On Saturday five Afghan soldiers were killed and three injured in an attack by suspected Taleban militants in the southern frontier district of Sharawak near the border with Pakistan, the military commander of the province, General Khan Mohammad said.

The 25 soldiers on the mission from the 10th Mountain military police have two objectives, says Wind: "One is a weapons cache and the second is to go around the city looking for the bad guys."

"It's very hard to find the bad guys among so many people," says another soldier, Sergeant Charlie McCall, while searching a building under construction believed to hold weapons. "They can see us but we can't see them."

"What we are here for is, to come out to react to whatever happens in the city," he explains.

But while the soldiers carry out the search, a crowd of bearded and turbaned Afghan men gather to protest. The sight of an American soldier climbing over a wall into an area inhabited by women has enraged the men of this deeply conservative city.

"What are you doing, there are women there," one man yelled angrily in Pashtu.

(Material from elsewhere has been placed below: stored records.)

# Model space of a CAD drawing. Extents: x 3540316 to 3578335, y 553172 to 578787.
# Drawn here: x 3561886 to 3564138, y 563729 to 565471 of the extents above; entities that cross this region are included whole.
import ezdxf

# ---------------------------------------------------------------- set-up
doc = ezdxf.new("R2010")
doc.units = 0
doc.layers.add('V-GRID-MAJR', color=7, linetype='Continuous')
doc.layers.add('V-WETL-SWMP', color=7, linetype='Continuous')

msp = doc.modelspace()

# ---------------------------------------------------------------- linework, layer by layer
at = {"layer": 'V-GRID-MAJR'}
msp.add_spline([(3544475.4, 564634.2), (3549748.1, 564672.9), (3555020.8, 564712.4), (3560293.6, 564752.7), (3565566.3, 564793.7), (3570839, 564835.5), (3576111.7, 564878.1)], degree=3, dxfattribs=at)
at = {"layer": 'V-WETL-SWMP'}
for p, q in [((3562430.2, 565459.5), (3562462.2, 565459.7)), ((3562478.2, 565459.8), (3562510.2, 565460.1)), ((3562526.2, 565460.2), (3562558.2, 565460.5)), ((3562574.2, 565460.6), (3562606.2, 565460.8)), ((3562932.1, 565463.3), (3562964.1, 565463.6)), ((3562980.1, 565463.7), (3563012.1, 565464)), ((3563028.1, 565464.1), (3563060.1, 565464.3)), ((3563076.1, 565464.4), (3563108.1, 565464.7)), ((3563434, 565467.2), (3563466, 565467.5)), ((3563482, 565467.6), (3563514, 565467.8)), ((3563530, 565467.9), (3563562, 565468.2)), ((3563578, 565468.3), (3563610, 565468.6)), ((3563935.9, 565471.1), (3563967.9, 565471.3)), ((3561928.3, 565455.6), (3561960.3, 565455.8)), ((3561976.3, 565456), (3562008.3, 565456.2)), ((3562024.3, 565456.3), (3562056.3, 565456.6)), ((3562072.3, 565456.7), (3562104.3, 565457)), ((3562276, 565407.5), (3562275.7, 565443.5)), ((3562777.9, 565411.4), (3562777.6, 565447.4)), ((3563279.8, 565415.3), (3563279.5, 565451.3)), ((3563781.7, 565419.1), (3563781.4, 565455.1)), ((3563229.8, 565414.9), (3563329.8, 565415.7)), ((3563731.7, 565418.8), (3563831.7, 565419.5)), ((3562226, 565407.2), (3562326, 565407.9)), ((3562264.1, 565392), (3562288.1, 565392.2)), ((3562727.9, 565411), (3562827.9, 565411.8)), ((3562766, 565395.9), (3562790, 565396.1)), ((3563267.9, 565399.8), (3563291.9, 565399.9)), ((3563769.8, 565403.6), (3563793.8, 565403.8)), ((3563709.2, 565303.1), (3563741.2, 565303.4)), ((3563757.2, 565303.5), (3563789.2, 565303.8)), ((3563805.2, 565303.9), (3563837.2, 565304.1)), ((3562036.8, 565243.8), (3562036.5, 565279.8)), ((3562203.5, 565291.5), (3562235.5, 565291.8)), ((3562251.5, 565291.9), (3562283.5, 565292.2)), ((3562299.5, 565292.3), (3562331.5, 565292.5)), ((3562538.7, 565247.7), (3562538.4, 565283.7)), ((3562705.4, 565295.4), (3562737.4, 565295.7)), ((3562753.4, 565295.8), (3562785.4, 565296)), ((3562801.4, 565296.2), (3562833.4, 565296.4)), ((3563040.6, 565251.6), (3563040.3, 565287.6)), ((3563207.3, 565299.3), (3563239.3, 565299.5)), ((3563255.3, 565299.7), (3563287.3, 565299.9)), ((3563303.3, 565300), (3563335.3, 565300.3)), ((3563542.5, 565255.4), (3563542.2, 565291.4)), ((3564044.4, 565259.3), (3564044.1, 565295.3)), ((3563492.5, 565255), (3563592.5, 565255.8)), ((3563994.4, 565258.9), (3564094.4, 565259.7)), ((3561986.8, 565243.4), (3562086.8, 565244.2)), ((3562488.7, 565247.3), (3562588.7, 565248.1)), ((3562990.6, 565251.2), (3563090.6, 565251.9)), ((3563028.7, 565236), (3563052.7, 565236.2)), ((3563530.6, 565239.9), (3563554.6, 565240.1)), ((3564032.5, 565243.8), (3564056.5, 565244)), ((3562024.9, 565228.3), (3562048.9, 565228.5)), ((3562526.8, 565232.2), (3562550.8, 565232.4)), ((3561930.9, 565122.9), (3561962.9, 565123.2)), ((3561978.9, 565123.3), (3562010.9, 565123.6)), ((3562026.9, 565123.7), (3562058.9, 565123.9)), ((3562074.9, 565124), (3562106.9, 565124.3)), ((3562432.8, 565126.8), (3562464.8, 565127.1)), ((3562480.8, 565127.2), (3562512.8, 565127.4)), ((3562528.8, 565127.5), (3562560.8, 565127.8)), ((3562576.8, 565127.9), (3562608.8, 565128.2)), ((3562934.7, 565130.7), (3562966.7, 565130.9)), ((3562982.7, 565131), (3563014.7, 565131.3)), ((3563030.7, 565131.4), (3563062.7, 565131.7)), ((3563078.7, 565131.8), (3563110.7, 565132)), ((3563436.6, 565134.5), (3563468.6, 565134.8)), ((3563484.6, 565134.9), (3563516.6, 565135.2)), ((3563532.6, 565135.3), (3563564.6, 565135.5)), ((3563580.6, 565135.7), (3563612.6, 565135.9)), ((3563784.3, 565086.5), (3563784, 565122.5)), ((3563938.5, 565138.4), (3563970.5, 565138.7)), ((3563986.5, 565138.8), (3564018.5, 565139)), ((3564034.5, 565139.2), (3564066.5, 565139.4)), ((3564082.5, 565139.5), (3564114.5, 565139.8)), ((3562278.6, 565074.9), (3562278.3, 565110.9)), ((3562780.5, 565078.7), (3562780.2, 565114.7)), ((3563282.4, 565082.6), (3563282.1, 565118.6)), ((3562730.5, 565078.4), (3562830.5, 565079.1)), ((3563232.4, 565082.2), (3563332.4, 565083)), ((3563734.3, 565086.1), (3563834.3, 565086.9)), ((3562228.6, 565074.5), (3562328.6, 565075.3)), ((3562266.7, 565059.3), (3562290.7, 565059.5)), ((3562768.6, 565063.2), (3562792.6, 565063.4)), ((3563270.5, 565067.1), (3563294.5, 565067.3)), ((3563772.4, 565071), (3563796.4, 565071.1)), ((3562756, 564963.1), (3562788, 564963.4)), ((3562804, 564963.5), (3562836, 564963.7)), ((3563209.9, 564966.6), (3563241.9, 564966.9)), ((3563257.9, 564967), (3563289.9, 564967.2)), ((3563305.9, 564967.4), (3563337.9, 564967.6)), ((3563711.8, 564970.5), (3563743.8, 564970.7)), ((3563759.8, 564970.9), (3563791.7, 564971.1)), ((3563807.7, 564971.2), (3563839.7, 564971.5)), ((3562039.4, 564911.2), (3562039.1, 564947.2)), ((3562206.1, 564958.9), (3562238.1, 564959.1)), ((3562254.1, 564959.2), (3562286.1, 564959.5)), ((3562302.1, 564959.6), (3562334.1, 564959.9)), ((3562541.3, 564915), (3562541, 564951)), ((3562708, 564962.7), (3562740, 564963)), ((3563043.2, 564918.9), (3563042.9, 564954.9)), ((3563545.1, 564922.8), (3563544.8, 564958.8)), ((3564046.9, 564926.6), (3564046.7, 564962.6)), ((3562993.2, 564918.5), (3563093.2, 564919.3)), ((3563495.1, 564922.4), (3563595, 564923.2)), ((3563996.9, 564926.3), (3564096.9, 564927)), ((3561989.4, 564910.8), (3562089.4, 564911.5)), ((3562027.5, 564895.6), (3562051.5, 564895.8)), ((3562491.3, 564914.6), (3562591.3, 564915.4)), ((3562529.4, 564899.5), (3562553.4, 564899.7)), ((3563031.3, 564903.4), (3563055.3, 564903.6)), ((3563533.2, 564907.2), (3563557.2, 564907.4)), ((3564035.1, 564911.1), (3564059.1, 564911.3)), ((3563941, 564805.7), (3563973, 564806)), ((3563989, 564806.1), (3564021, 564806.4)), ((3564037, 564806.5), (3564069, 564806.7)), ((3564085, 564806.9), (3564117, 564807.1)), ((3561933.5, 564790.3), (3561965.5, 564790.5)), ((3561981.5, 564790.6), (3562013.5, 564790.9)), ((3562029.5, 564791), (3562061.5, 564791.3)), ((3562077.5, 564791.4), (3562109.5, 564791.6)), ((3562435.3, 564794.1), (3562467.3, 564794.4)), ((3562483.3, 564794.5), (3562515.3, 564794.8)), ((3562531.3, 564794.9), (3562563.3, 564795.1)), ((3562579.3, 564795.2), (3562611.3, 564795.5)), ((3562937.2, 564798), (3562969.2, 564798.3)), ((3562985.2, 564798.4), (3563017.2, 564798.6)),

"If they are helping with security that's good but they should consider our traditions," another man said, adding that the soldiers had entered the compound without permission.

The search for the weapons continued at a second compound a few meters away but again nothing was found.

"The mission is aborted for now," Wind announces, and the US troops continue their patrol around the city fringes.

The soldiers continue to drive the dusty roads of Kandahar in search of militants for several hours but no arrests were made.

The convoy returns back to the Kandahar military base, with one of the vehicles in tow and in need of repairs to a broken water pump.

When asked what did the troops get out of this mission, Sergeant Wind replies simply: "Actually, nothing."